No use to fishing workers
Sea Harvest CEO and SA Deep-Sea Trawling Industry Association chair Felix Ratheb attempts the impossible by defending the centralisation of the large companies and their continued longterm domination of the fishing industry, in particular the hake deep-sea trawl fishery through the fishing rights allocation process, February 20).
He admits that “the proposition that additional opportunities should be created in the fishery for black-owned SMMEs is less easy to dispel because it goes right to the heart of the government’s macroeconomic policy, which entrenches SMMEs as drivers of economic growth, transformation and job creation”.
The trawling industry created immense wealth for a few companies and individuals, leaving the majority — including fishing workers, factory workers and often whole towns — impoverished.

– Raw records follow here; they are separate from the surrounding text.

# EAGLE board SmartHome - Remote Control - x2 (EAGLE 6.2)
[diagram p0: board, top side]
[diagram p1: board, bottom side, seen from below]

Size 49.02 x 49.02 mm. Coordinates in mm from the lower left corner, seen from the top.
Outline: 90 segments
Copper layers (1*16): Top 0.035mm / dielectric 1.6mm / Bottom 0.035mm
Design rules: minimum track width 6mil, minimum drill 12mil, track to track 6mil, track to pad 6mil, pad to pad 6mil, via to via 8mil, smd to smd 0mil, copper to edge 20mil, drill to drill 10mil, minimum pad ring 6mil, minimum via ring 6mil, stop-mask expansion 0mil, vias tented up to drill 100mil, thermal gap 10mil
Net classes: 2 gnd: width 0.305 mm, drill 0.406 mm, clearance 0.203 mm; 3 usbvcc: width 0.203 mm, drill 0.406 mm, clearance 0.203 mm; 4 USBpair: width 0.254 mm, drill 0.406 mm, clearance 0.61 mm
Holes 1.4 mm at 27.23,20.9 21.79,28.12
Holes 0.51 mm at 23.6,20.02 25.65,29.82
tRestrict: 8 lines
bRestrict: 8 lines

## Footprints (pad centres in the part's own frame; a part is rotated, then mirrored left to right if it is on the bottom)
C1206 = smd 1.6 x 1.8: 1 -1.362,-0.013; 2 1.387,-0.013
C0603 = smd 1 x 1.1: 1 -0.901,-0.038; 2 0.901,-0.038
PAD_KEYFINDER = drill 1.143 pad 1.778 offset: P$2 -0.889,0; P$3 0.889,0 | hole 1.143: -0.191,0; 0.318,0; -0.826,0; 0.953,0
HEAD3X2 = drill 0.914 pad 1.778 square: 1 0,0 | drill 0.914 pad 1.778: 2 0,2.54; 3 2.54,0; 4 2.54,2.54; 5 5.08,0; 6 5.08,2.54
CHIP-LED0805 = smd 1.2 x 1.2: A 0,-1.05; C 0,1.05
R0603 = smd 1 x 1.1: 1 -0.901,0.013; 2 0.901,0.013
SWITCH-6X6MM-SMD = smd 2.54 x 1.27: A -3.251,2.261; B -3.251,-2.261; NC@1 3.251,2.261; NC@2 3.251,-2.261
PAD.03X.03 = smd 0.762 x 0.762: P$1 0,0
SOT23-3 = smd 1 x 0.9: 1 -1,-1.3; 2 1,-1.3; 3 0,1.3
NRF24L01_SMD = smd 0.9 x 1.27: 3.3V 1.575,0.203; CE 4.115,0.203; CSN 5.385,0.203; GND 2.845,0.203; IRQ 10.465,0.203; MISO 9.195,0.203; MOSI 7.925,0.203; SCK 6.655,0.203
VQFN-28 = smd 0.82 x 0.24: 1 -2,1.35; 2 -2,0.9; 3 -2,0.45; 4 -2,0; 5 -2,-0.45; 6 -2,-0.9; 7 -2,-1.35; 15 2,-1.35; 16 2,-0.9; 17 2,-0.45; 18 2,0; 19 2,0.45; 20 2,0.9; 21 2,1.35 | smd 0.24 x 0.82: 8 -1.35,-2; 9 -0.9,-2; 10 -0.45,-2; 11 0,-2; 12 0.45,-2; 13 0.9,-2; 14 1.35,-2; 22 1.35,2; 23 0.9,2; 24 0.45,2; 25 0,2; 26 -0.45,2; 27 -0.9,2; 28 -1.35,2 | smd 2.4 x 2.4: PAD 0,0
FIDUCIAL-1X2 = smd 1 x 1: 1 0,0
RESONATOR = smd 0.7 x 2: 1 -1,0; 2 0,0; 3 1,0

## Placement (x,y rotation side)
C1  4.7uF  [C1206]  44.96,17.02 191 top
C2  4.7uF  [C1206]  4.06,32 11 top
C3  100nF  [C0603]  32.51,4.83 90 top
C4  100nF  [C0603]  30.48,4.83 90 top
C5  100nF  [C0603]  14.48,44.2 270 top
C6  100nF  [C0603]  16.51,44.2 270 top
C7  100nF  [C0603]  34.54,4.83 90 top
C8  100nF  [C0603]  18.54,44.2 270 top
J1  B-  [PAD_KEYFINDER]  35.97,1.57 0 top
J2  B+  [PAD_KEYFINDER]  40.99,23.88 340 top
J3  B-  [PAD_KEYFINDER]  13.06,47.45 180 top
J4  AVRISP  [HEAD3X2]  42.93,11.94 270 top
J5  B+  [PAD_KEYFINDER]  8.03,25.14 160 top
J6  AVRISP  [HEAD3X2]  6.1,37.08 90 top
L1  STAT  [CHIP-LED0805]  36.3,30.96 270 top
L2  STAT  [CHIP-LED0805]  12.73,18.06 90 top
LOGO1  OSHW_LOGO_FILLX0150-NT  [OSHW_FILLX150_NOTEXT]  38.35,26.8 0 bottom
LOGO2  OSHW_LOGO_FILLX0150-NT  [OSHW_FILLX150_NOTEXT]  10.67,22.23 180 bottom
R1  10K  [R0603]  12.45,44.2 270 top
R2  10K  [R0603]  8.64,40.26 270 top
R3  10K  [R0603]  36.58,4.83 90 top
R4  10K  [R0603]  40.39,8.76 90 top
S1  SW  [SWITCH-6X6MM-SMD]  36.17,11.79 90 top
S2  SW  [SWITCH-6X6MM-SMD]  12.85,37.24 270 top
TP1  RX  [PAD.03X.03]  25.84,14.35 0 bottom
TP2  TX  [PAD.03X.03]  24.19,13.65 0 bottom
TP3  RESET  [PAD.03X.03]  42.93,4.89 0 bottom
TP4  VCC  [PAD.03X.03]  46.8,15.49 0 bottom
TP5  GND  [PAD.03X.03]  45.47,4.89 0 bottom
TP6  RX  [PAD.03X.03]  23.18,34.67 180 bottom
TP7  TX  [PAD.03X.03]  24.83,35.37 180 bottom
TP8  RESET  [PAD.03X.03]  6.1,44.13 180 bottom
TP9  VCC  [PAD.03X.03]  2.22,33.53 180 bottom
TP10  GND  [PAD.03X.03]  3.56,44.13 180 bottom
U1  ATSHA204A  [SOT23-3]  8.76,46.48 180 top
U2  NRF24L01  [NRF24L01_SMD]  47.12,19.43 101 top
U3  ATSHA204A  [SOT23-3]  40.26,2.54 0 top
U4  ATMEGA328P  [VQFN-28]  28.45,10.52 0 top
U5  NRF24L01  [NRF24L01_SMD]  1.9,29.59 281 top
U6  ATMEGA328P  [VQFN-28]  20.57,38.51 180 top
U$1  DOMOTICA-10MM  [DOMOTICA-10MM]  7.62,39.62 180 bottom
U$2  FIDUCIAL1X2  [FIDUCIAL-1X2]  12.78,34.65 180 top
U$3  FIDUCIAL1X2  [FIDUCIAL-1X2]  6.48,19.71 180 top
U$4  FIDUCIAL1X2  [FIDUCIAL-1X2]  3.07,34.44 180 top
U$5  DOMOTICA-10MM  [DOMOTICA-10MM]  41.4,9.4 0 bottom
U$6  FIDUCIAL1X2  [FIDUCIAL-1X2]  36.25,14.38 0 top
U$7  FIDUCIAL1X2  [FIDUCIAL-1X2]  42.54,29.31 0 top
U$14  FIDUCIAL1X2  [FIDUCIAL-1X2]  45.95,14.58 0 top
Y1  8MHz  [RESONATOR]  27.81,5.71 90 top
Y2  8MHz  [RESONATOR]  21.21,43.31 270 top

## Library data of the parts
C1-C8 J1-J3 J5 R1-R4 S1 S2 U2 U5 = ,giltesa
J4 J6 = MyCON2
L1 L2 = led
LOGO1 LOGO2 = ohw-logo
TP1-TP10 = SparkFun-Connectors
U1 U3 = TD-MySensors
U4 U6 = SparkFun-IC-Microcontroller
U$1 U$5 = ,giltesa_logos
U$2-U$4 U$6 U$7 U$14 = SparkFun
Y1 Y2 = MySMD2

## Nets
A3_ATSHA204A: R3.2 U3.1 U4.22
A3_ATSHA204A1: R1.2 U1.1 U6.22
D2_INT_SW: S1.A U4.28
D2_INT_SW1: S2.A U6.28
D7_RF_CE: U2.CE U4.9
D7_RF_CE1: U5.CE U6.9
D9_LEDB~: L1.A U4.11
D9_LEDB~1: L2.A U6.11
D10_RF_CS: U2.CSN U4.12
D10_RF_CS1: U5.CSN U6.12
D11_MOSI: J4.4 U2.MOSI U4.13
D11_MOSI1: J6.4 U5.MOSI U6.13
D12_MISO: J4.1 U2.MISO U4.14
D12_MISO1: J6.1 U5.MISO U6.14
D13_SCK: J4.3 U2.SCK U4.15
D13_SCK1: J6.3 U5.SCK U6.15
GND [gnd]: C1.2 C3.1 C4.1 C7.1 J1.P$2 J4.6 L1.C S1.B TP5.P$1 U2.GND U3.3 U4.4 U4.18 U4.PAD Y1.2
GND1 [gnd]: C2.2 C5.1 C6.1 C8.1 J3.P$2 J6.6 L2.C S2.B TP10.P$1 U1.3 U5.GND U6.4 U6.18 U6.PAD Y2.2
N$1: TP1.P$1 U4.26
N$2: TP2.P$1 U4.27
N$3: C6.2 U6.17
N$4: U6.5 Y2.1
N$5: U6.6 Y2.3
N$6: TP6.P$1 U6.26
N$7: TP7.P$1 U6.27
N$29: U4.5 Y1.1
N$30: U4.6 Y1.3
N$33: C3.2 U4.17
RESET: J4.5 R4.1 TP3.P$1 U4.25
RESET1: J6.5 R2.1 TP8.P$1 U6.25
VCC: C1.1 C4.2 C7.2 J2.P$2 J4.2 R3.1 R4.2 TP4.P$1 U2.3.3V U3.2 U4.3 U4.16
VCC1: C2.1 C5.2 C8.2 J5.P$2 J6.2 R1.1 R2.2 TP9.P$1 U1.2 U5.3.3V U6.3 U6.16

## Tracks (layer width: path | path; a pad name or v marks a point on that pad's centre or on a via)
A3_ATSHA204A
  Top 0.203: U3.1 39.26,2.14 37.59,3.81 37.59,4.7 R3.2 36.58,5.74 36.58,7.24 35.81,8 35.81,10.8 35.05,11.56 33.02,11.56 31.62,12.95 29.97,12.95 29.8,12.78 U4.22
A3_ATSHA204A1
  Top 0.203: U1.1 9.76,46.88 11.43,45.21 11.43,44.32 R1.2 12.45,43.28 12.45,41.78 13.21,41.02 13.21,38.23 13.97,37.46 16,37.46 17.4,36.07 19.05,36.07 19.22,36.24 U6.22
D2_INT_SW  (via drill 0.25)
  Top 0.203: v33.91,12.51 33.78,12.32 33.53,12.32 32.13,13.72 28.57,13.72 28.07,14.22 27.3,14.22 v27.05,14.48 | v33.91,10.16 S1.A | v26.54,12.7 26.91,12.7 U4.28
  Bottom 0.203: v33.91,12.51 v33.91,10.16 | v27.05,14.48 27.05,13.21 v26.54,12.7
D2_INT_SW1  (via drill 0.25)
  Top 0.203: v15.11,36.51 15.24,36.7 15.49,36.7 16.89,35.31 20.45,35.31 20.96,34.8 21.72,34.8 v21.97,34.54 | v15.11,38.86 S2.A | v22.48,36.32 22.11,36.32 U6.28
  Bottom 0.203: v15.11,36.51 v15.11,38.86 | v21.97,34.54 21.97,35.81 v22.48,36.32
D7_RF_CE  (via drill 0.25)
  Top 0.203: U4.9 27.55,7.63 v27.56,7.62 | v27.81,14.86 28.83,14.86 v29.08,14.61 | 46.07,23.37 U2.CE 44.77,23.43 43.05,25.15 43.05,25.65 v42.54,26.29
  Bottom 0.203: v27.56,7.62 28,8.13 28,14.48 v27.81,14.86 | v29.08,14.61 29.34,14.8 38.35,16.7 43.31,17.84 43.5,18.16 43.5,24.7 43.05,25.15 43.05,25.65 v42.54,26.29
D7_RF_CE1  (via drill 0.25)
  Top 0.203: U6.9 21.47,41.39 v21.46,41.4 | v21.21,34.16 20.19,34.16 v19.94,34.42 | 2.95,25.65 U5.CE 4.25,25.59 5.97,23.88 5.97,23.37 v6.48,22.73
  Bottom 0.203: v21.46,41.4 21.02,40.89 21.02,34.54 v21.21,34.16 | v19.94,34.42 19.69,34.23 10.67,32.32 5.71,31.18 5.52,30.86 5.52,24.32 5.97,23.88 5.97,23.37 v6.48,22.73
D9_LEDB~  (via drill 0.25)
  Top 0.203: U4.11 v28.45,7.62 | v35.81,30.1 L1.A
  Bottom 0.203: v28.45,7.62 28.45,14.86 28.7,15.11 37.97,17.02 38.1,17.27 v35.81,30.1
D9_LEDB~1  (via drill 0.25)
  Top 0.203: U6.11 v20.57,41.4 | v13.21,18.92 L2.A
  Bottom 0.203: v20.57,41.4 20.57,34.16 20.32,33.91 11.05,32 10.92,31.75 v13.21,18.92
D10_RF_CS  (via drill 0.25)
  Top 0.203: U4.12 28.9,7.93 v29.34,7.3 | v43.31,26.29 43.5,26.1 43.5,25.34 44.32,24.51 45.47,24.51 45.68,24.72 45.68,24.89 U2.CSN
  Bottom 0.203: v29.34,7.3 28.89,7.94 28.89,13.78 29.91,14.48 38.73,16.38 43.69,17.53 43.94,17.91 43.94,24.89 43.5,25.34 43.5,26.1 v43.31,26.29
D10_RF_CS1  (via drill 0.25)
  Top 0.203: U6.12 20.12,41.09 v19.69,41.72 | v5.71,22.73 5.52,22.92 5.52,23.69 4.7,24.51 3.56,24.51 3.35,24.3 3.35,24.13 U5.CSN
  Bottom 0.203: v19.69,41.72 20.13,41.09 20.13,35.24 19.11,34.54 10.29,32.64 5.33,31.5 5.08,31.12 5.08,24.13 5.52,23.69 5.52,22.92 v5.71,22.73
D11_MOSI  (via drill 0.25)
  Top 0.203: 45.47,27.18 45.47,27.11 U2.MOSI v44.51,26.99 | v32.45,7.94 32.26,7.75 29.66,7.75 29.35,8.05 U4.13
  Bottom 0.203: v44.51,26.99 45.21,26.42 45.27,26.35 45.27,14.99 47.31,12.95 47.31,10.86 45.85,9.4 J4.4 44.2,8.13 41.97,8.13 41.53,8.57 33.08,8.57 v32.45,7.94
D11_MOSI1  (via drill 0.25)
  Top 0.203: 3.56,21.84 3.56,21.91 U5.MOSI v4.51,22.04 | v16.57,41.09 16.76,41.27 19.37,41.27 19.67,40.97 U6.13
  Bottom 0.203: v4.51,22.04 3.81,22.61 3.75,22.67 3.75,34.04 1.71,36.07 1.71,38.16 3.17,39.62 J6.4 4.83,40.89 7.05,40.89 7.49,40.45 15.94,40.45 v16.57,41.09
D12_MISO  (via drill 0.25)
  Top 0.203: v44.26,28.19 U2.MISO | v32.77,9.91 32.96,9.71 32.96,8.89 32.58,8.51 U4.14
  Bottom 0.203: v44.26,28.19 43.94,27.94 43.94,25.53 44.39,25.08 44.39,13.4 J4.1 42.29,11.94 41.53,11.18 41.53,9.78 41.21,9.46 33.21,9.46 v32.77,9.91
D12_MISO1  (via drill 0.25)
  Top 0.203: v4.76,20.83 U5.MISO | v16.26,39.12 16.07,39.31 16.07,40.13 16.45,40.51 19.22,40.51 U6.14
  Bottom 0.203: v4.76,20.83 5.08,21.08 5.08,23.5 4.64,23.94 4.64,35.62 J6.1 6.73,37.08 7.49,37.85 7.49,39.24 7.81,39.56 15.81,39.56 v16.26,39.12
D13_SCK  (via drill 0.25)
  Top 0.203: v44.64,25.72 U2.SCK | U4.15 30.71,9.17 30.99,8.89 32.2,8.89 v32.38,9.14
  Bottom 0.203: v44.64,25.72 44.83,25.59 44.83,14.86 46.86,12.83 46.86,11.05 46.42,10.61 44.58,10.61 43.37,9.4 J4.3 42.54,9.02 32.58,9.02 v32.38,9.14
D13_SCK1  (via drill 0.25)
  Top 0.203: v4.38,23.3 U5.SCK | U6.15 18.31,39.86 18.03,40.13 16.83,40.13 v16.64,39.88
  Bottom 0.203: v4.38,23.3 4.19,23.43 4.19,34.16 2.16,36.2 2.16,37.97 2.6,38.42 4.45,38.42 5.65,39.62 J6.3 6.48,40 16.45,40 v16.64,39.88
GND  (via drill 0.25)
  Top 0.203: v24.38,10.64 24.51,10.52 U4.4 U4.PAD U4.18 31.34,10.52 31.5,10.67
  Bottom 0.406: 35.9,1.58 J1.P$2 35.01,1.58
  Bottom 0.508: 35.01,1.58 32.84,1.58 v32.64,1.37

The association’s argument that a pitiful trickle down to SMME’s will in some way overcome this shameful apartheid legacy is ludicrous and wishful thinking.
Even by Ratheb’s own figures just 7% of the industry’s annual sales of R4.5bn, a measly R318.4m, is spent “with SMMEs [and] is directed at black- and female-owned businesses”. By the industry’s argument, fishing workers and their SMMEs should not be granted quotas, nor should they own boats and processing plants, but must wait for crumbs from the master’s table.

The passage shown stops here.